About evaluation of Dart-Math

hkust-nlp / dart-math

[NeurIPS'24] Official code for *🎯DART-Math: Difficulty-Aware Rejection Tuning for Mathematical Problem-Solving*

https://hkust-nlp.github.io/dart-math/

MIT License

65 stars 3 forks source link

About evaluation of Dart-Math #3

Closed XinXU-USTC closed 1 month ago

XinXU-USTC commented 2 months ago

Thank you for your excellent work and well-structured code repo.

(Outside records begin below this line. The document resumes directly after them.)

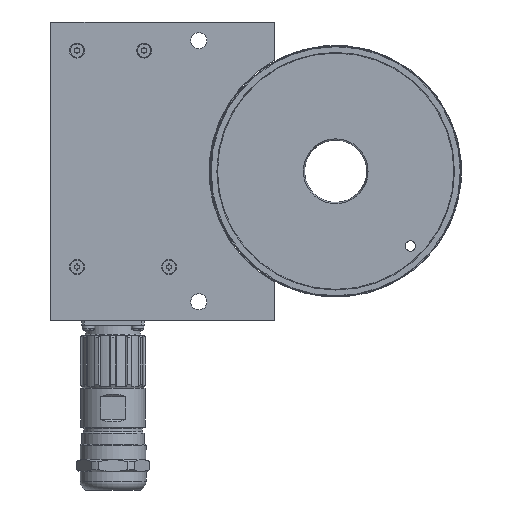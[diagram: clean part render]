
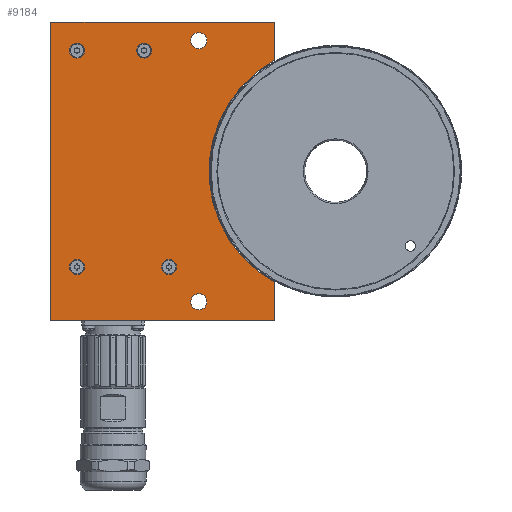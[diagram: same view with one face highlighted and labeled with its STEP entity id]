
A CAD part, left-side view. The second image highlights one B-rep face of the part: STEP entity #9184.
In plain terms, the highlighted planar face has unit normal (-1, 0, 0).
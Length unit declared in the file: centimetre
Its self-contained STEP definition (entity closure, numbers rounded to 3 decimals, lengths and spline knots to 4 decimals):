
#327=LINE('',#15974,#750);
#328=LINE('',#15976,#751);
#329=LINE('',#15978,#752);
#330=LINE('',#15980,#753);
#331=LINE('',#15983,#754);
#750=VECTOR('',#12328,9.);
#751=VECTOR('',#12329,12.);
#752=VECTOR('',#12330,9.);
#753=VECTOR('',#12331,1.535);
#754=VECTOR('',#12334,1.535);
#1182=PLANE('',#10147);
#1396=FACE_BOUND('',#2588,.T.);
#1397=FACE_BOUND('',#2589,.T.);
#1398=FACE_BOUND('',#2590,.T.);
#1399=FACE_BOUND('',#2591,.T.);
#1400=FACE_BOUND('',#2592,.T.);
#1401=FACE_BOUND('',#2593,.T.);
#1845=FACE_OUTER_BOUND('',#2587,.T.);
#2587=EDGE_LOOP('',(#7201,#7202,#7203,#7204,#7205,#7206));
#2588=EDGE_LOOP('',(#7207));
#2589=EDGE_LOOP('',(#7208));
#2590=EDGE_LOOP('',(#7209));
#2591=EDGE_LOOP('',(#7210));
#2592=EDGE_LOOP('',(#7211));
#2593=EDGE_LOOP('',(#7212));
#3429=CIRCLE('',#10148,5.093);
#3430=CIRCLE('',#10149,0.3);
#3431=CIRCLE('',#10150,0.3);
#3432=CIRCLE('',#10151,0.3);
#3433=CIRCLE('',#10152,0.3);
#3434=CIRCLE('',#10153,0.325);
#3435=CIRCLE('',#10154,0.325);
#4293=VERTEX_POINT('',#15972);
#4294=VERTEX_POINT('',#15973);
#4295=VERTEX_POINT('',#15975);
#4296=VERTEX_POINT('',#15977);
#4297=VERTEX_POINT('',#15979);
#4298=VERTEX_POINT('',#15981);
#4299=VERTEX_POINT('',#15984);
#4300=VERTEX_POINT('',#15986);
#4301=VERTEX_POINT('',#15988);
#4302=VERTEX_POINT('',#15990);
#4303=VERTEX_POINT('',#15992);
#4304=VERTEX_POINT('',#15994);
#5379=EDGE_CURVE('',#4293,#4294,#327,.T.);
#5380=EDGE_CURVE('',#4295,#4293,#328,.T.);
#5381=EDGE_CURVE('',#4296,#4295,#329,.T.);
#5382=EDGE_CURVE('',#4297,#4296,#330,.T.);
#5383=EDGE_CURVE('',#4298,#4297,#3429,.T.);
#5384=EDGE_CURVE('',#4294,#4298,#331,.T.);
#5385=EDGE_CURVE('',#4299,#4299,#3430,.T.);
#5386=EDGE_CURVE('',#4300,#4300,#3431,.T.);
#5387=EDGE_CURVE('',#4301,#4301,#3432,.T.);
#5388=EDGE_CURVE('',#4302,#4302,#3433,.T.);
#5389=EDGE_CURVE('',#4303,#4303,#3434,.T.);
#5390=EDGE_CURVE('',#4304,#4304,#3435,.T.);
#7201=ORIENTED_EDGE('',*,*,#5379,.F.);
#7202=ORIENTED_EDGE('',*,*,#5380,.F.);
#7203=ORIENTED_EDGE('',*,*,#5381,.F.);
#7204=ORIENTED_EDGE('',*,*,#5382,.F.);
#7205=ORIENTED_EDGE('',*,*,#5383,.F.);
#7206=ORIENTED_EDGE('',*,*,#5384,.F.);
#7207=ORIENTED_EDGE('',*,*,#5385,.T.);
#7208=ORIENTED_EDGE('',*,*,#5386,.T.);
#7209=ORIENTED_EDGE('',*,*,#5387,.T.);
#7210=ORIENTED_EDGE('',*,*,#5388,.T.);
#7211=ORIENTED_EDGE('',*,*,#5389,.T.);
#7212=ORIENTED_EDGE('',*,*,#5390,.T.);
#9184=ADVANCED_FACE('',(#1845,#1396,#1397,#1398,#1399,#1400,#1401),#1182,
 .F.);
#10147=AXIS2_PLACEMENT_3D('',#15971,#12326,#12327);
#10148=AXIS2_PLACEMENT_3D('',#15982,#12332,#12333);
#10149=AXIS2_PLACEMENT_3D('',#15985,#12335,#12336);
#10150=AXIS2_PLACEMENT_3D('',#15987,#12337,#12338);
#10151=AXIS2_PLACEMENT_3D('',#15989,#12339,#12340);
#10152=AXIS2_PLACEMENT_3D('',#15991,#12341,#12342);
#10153=AXIS2_PLACEMENT_3D('',#15993,#12343,#12344);
#10154=AXIS2_PLACEMENT_3D('',#15995,#12345,#12346);
#12326=DIRECTION('center_axis',(1.,0.,0.));
#12327=DIRECTION('ref_axis',(0.,0.,1.));
#12328=DIRECTION('',(0.,-1.,0.));
#12329=DIRECTION('',(0.,0.,1.));
#12330=DIRECTION('',(0.,1.,0.));
#12331=DIRECTION('',(0.,0.,-1.));
#12332=DIRECTION('center_axis',(-1.,0.,0.));
#12333=DIRECTION('ref_axis',(0.,-0.481,0.877));
#12334=DIRECTION('',(0.,0.,-1.));
#12335=DIRECTION('center_axis',(1.,0.,0.));
#12336=DIRECTION('ref_axis',(0.,0.,-1.));
#12337=DIRECTION('center_axis',(1.,0.,0.));
#12338=DIRECTION('ref_axis',(0.,0.,-1.));
#12339=DIRECTION('center_axis',(1.,0.,0.));
#12340=DIRECTION('ref_axis',(0.,0.,-1.));
#12341=DIRECTION('center_axis',(1.,0.,0.));
#12342=DIRECTION('ref_axis',(0.,0.,-1.));
#12343=DIRECTION('center_axis',(1.,0.,0.));
#12344=DIRECTION('ref_axis',(0.,0.,1.));
#12345=DIRECTION('center_axis',(1.,0.,0.));
#12346=DIRECTION('ref_axis',(0.,0.,1.));
#15971=CARTESIAN_POINT('Origin',(-0.27,7.1348,0.));
#15972=CARTESIAN_POINT('',(-0.27,11.45,6.));
#15973=CARTESIAN_POINT('',(-0.27,2.45,6.));
#15974=CARTESIAN_POINT('',(-0.27,11.45,6.));
#15975=CARTESIAN_POINT('',(-0.27,11.45,-6.));
#15976=CARTESIAN_POINT('',(-0.27,11.45,-6.));
#15977=CARTESIAN_POINT('',(-0.27,2.45,-6.));
#15978=CARTESIAN_POINT('',(-0.27,2.45,-6.));
#15979=CARTESIAN_POINT('',(-0.27,2.45,-4.465));
#15980=CARTESIAN_POINT('',(-0.27,2.45,-4.465));
#15981=CARTESIAN_POINT('',(-0.27,2.45,4.465));
#15982=CARTESIAN_POINT('Origin',(-0.27,0.,0.));
#15983=CARTESIAN_POINT('',(-0.27,2.45,6.));
#15984=CARTESIAN_POINT('',(-0.27,10.4,-4.15));
#15985=CARTESIAN_POINT('Origin',(-0.27,10.4,-3.85));
#15986=CARTESIAN_POINT('',(-0.27,7.7,4.55));
#15987=CARTESIAN_POINT('Origin',(-0.27,7.7,4.85));
#15988=CARTESIAN_POINT('',(-0.27,10.4,4.55));
#15989=CARTESIAN_POINT('Origin',(-0.27,10.4,4.85));
#15990=CARTESIAN_POINT('',(-0.27,6.7,-4.15));
#15991=CARTESIAN_POINT('Origin',(-0.27,6.7,-3.85));
#15992=CARTESIAN_POINT('',(-0.27,5.5,-5.575));
#15993=CARTESIAN_POINT('Origin',(-0.27,5.5,-5.25));
#15994=CARTESIAN_POINT('',(-0.27,5.5,4.925));
#15995=CARTESIAN_POINT('Origin',(-0.27,5.5,5.25));

I encountered some issues regarding the evaluation of Dart-Math. I ran the provided evaluation script to evaluate Dart-Math-Llama-3-8b-prof2diff on theoremqa and found that all items are false in the generated .jsonl file. What is the problem?

The resulted file is attached below. https://hkustconnect-my.sharepoint.com/:u:/g/personal/xxuca_connect_ust_hk/ETFyWNbUrghFpa4H1_L6hpcB4AD8ze3mRoUrshPQcEGR3w?e=lzAEnX

tongyx361 commented 1 month ago

Thanks for your issue! I figured out and fixed a bug related to this error:

Commit https://github.com/hkust-nlp/dart-math/commit/a6647ea7e04c1d8c0e6b02a679d116de7c04f43d set ignore_eos=True because Llama-3-8B(-Base) tends to decode EoS immediately sometimes, but this messes up generation of normal (instruct) models. So I made ignore_eos a CLI option, which is False by default, in the latest commit https://github.com/hkust-nlp/dart-math/commit/82377fc66af5c1c76bf3d8e40175cd21772fa660.

XinXU-USTC commented 1 month ago

Thank you for getting back to me so quickly! The problem is solved! I appreciate your help!